You’re not understanding (or I’m not making clear) something I’m stipulating about these basics facts: I’m NOT claiming that more facts are better, I’m claiming that the fewer rock-solid biographical facts you offer, the better your chances are, so long as they’re sufficient to identify ONE person and that person only. So–with Lincoln, I’ve decided that to conjure him, I’d need the facts about his death (rather than his birth, which had far fewer witnesses and less documentation) and his somewhat unusual name to get the man I want to have dinner with. Give too many details, and you risk having some small point wrong; give too few, and you risk asking for multiple people who qualify. It’s a very simple game, in that regard, and instead of accepting that Jesus is a hard person to ID reliably, you go into a snit (and start throwing incomprehensible and irrelevant math at me).
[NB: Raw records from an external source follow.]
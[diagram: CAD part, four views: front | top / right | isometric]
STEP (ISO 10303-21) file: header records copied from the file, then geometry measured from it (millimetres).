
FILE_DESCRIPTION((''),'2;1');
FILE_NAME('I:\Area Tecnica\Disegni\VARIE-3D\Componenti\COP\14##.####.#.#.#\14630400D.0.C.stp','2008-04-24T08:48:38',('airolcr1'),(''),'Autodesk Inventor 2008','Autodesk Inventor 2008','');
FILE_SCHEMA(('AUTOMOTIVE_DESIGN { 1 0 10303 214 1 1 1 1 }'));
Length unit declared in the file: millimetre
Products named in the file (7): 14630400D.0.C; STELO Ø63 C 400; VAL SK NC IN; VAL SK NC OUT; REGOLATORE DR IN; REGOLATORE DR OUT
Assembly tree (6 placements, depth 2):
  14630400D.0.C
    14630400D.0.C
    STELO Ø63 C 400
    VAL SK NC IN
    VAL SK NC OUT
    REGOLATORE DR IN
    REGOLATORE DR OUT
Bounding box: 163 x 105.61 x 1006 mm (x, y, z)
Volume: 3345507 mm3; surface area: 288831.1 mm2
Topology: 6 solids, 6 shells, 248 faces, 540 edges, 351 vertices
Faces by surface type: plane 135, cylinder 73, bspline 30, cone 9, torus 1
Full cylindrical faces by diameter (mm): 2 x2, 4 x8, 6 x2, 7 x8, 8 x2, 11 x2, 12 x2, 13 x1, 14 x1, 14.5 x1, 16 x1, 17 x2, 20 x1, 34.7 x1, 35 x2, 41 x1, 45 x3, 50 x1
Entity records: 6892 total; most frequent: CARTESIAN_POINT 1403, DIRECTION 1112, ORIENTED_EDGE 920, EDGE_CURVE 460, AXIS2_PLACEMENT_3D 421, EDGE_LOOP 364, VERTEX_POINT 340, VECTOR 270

How am I “blaming” anything on religion when I’m claiming we’d have the same problem conjuring Jesus as we’d have with King Arthur or Odysseus? Am I anti-British King, or anti-Greek or something? I don’t know very much about Jesus, which is why I asked those more knowledgable than I am to see if they’d be willing to stipulate a few facts about him that would ID him with certainty. I take the reluctance of people to play as a confirmation that he might not have ever lived, or that they’ve got so much invested in dining with him to take bigger risks to do so, or that they’d rather play a game whose rules they don’t really understand.
I think you might be confused by what you call my “hidden-ball trick”–I certainly don’t have a clue what you mean by that. The only thing I can think is that I’ve had to explain what I meant as we went along, and as I found out I hadn’t explained my thinking, but it was nothing as intentional or deceptive as you make it out to be.